PXL_20230415_143752536.jpeg

Trip Report    

Intermediate Alpine Climb - Mount Hood: Illumination Saddle Routes

We climbed Leuthold Couloir and moved to climber's right for the last 500 or so feet of the Couloir, so more into the Reid Headwall area. Conditions cold with high temp around 15F and moderate winds. Downclimbed the Old Chute to the Devil's Kitchen and walked down from there.

  • Road suitable for all vehicles
  • Weather was clear, cold (high temp around 15F) and breezy at times. The route above the Palmer chairlift had knee-deep snow up to the steep sections of the couloir which were a mix of snow and ice. Once near the summit ridge snow was firmer and walkable on the crust for the most part.

    We spoke with other climbers who recommended the Old Chute for the down-climb vs Pearly Gates. This worked well. 

    The entire route could have been done un-roped in these conditions. The climb from Palmer chairlift, over the Illumination Saddle and to the Couloir proper were done in knee to thigh-deep snow which made progress more difficult, especially in the climb to the couloir.

    Snow assisted the down climb in the Old Chute.
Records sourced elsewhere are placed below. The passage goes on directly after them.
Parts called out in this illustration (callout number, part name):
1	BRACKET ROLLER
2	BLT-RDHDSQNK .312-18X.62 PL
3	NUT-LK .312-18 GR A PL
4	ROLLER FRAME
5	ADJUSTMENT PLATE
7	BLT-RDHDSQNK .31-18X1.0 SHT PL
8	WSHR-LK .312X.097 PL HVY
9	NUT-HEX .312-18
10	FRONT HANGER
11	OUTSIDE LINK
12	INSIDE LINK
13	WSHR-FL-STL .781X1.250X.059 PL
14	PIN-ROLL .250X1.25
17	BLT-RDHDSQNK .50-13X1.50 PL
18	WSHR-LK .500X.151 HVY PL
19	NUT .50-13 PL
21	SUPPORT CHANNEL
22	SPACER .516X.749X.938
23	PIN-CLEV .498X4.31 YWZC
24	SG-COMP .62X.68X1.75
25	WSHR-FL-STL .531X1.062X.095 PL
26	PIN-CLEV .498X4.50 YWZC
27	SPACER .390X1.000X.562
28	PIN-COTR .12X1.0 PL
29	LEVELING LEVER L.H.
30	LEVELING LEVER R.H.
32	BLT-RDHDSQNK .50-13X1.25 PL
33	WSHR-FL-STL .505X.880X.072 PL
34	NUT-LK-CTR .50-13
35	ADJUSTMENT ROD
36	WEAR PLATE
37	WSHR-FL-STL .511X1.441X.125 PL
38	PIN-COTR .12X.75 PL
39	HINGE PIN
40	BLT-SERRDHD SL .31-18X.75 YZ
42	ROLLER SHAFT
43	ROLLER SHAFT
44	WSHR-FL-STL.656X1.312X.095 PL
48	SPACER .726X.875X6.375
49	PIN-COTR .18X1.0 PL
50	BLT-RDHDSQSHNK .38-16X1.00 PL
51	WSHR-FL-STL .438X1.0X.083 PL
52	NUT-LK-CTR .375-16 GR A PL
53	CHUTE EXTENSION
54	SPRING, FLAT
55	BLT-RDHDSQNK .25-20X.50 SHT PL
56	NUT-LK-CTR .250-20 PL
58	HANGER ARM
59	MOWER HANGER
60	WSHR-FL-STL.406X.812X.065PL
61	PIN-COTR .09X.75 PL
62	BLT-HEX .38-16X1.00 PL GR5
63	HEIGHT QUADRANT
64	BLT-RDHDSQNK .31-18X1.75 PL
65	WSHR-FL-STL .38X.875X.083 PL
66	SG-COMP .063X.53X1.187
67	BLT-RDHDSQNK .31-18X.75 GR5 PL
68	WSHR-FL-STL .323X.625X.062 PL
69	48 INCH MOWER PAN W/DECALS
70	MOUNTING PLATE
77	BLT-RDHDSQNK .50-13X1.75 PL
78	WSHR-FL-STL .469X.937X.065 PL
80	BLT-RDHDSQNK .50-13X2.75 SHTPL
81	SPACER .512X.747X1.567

    Below the Devil's Kitchen, snow depth still noteworthy but a firm crust layer below about a foot of softer snow allowed for decent rate of travel back to the developed ski area where snowcat tracks were followed back to the parking lot.

We followed a snowcat track to the top of the Palmer Chairlift and booted from there. Stowed snowshoes here as well, which we did not use. We broke trail the entire way after that with knee deep snow for the traverse to the Illumination Saddle and for the route up to the start of the Leuthold Couloir proper. Difficult progress in this area. Once in the couloir, we encountered ice and snow mixed conditions. All used two ice tools or one axe and one tool for the climb. Roping up was not necessary, but we did so for a climber who was less sure of their skill/was having some health issues here. Once we topped the couloir, three of us remained roped to assist the climber who was struggling. We worked our way over to the summit and back to the Old Chute for the down climb. 
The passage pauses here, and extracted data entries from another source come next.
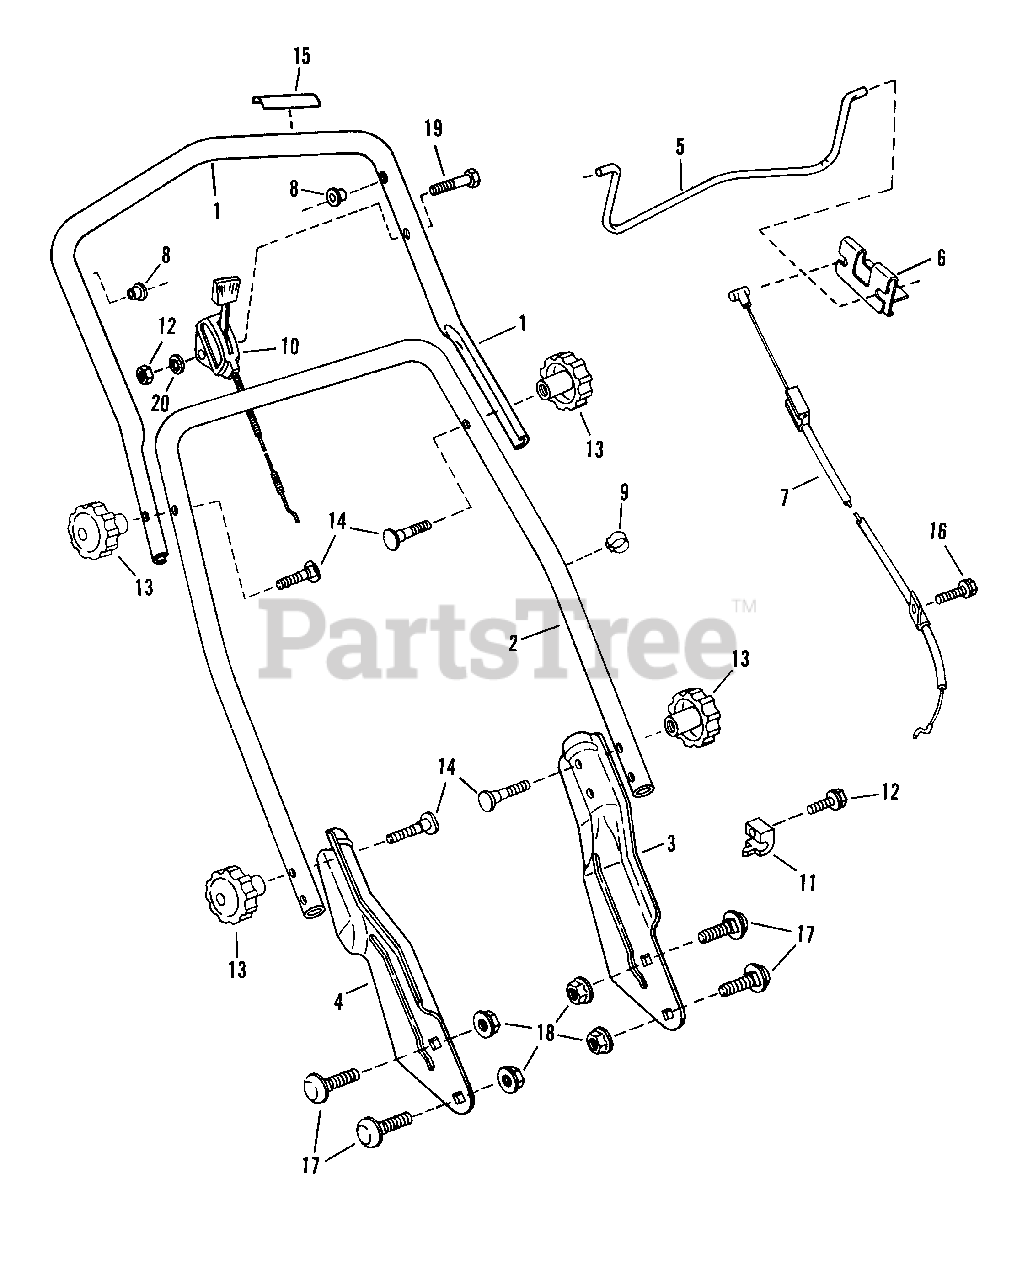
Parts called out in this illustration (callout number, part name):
1	HANDLE, Upper
2	HANDLE, Middle
3	HANDLE, Lower Left Hand
4	HANDLE, Lower Right Hand
5	CONTROL, Blade
6	CLIP, Blade Control
7	CABLE, Blade Control
8	BUSHING
9	CLIP, Cable/Wiring
10	CONTROL, Throttle
11	CLAMP, Casing
12	SCREW, #10-32 x 5/8" Self-Tapping
13	KNOB, 5/16-18
14	SCREW, 5/16-18 x 2" Curved Head
15	DECAL, Blade Control
16	SCREW, #10-32 x 3/8" Hex Head Cap,
17	BOLT, 5/16-18 x 5/8" Short Neck Carriage, Grade 5
18	NUT, 5/16-18 Hex Flange Lock, Grade 5
19	SCREW, 1/4-28 x 1-3/4" Hex Head Cap, Grade 5
20	WASHER, 1/4" Internal Tooth Lock
21	NUT, 1/4-28 Hex, Grade 5 or B
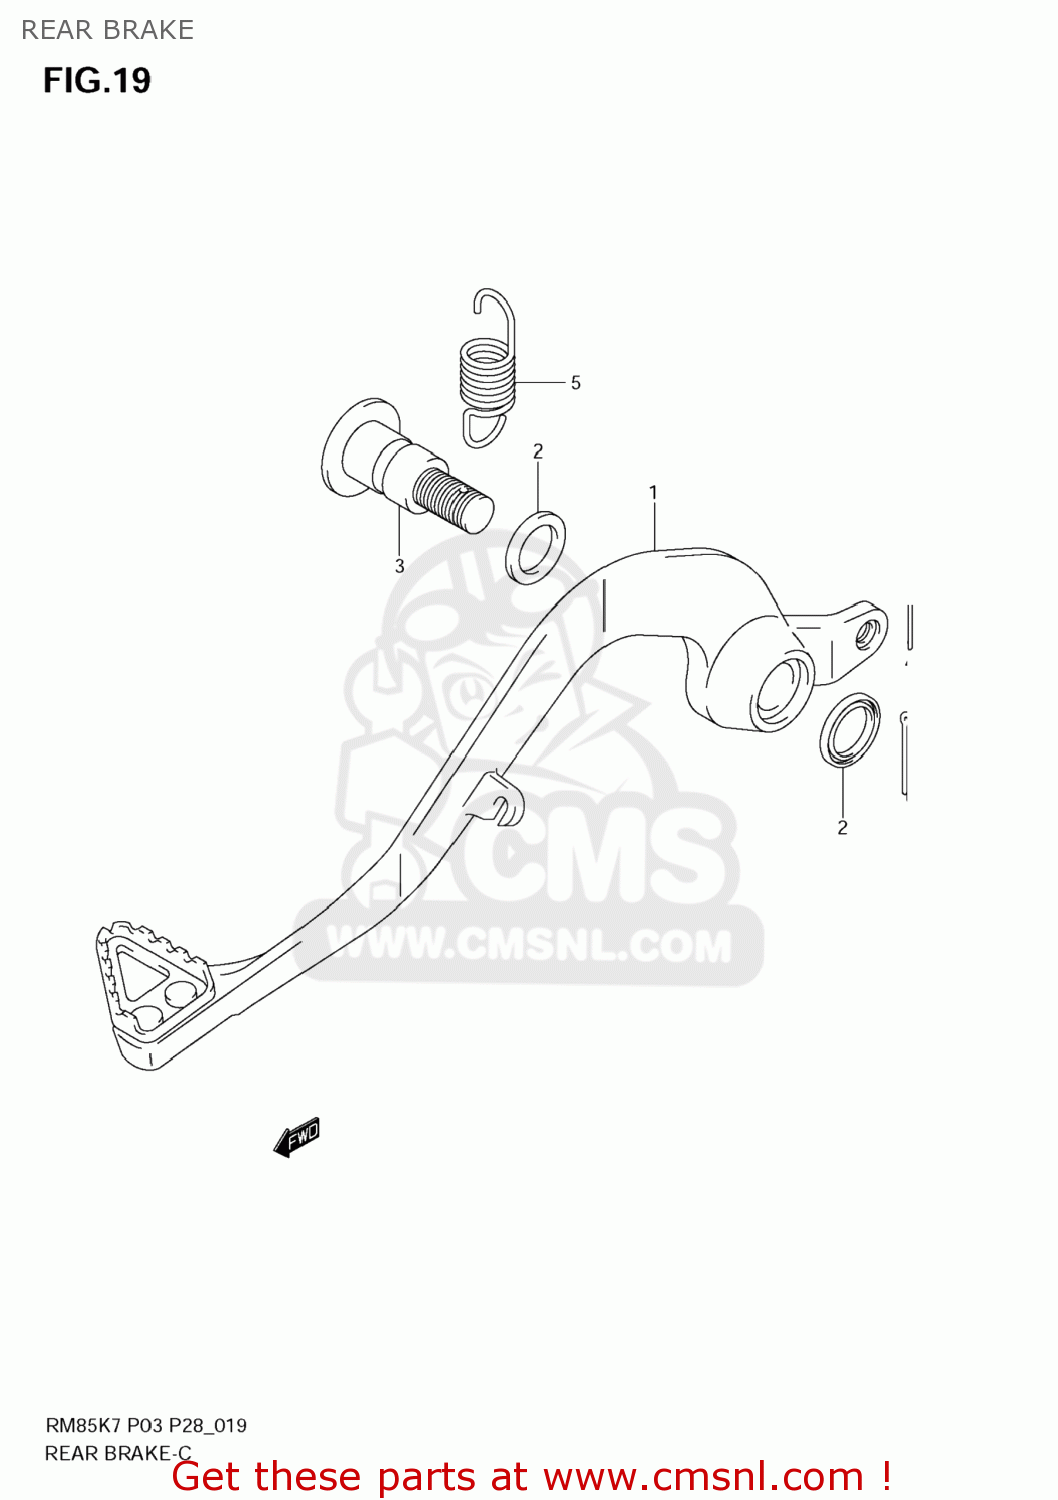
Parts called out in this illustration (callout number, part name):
1	PEDAL ASSY,BRAKE
2	SEAL,OIL(15X21X3)
3	SHAFT,BRAKE PEDAL
4	PIN
5	SPRING
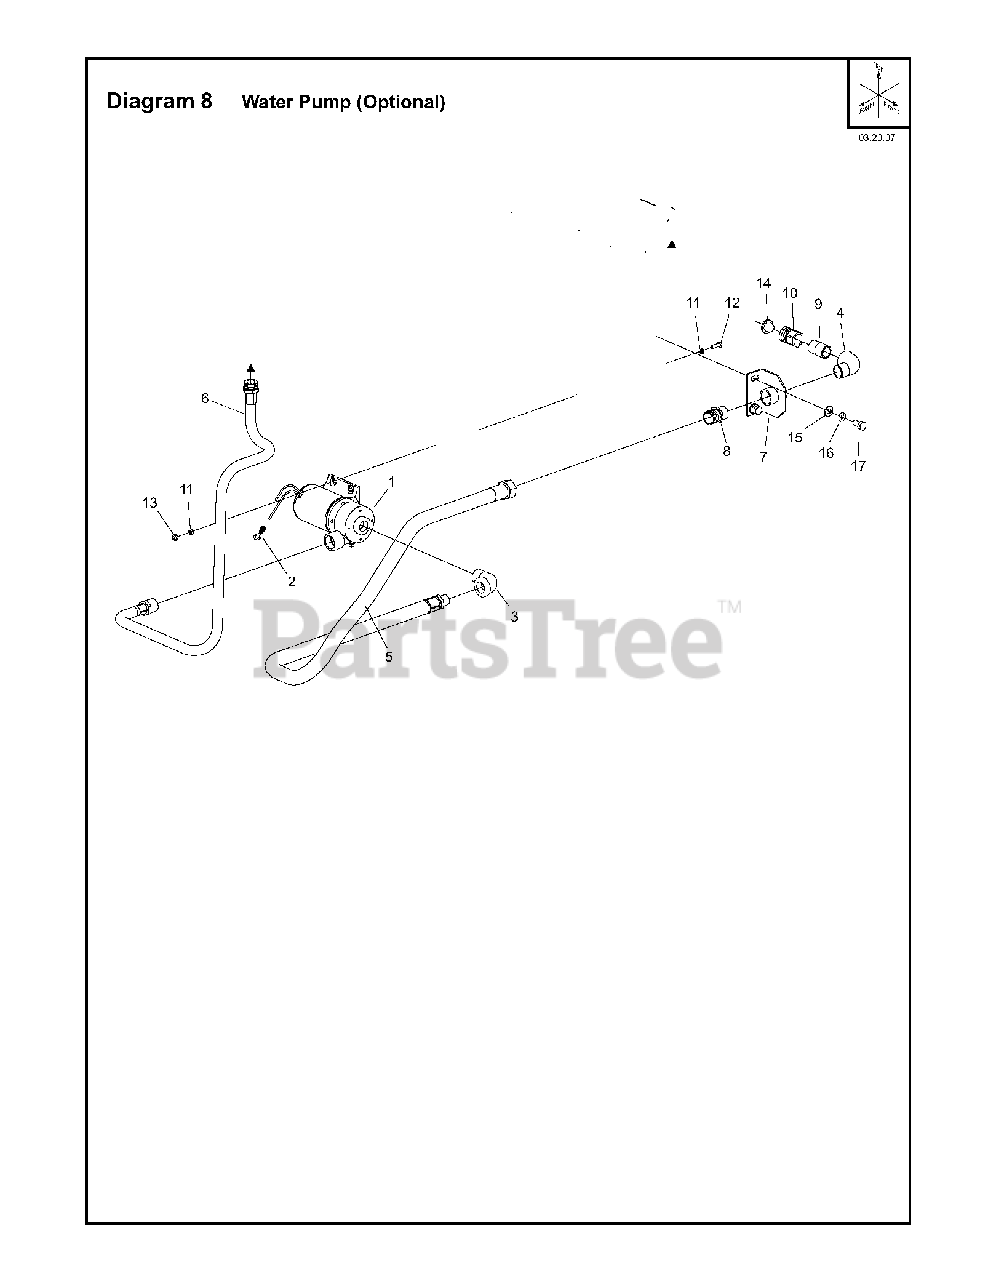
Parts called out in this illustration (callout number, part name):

We encountered a number of other climbers who had ascended the Pearly Gates to the summit and who down-climbed with us via the Old Chute. Most of these did the down-climbing un-roped as well. Snow was fairly deep here and self arrest would have been effective if needed. 

We remained roped to assist our struggling climber down the route. 

Conditions overall were favorable to climbing the route but the untracked and fairly deep snow to the couloir made progress somewhat more difficult. We were 14 or so hours on the mountain, which should have been 10 or so without dealing with slow progress due to health/nutrition/hydration issues.